** Opening EXERCISE MATERIALS block **

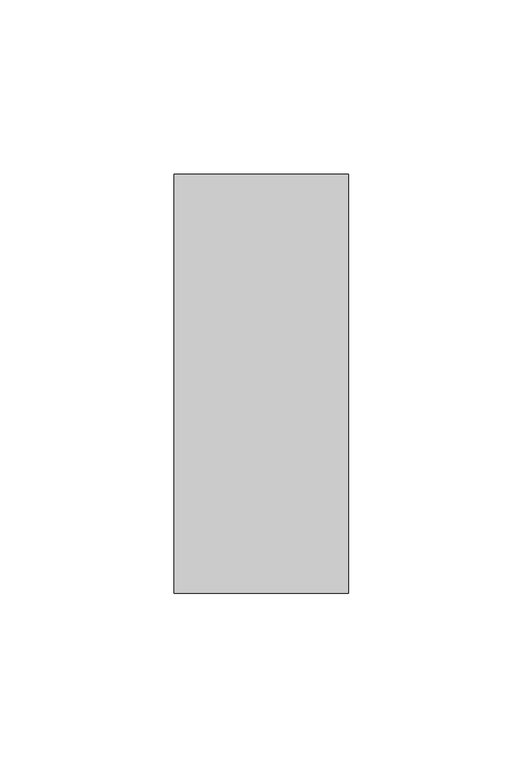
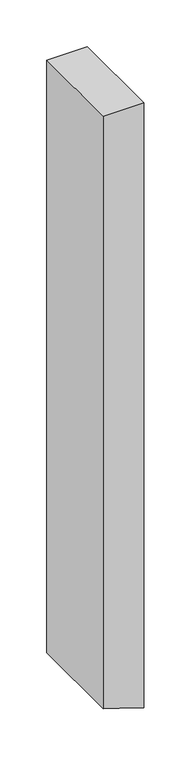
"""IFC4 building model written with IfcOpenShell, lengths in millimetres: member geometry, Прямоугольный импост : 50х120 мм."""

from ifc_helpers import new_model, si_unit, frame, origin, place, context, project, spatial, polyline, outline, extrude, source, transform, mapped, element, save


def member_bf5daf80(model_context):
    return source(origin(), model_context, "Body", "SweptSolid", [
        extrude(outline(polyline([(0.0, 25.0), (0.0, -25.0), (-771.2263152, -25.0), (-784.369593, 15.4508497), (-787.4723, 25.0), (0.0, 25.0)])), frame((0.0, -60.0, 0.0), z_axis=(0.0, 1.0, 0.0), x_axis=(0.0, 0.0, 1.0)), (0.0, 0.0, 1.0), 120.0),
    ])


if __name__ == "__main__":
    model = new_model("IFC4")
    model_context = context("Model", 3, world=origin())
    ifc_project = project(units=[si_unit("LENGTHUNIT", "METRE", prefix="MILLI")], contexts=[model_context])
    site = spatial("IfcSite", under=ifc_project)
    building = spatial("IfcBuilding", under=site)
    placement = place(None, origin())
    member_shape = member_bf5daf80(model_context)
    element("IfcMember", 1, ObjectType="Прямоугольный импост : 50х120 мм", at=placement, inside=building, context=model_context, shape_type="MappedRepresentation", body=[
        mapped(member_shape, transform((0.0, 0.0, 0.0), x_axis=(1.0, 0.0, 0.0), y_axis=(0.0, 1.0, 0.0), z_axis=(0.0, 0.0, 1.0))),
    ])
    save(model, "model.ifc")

** Closing EXERCISE MATERIALS block **

[EXERCISE GOAL] In the listing above, how many lines hold the word "under"? Please state the number alone.

[SOLUTION FOR THIS PROBLEM] 2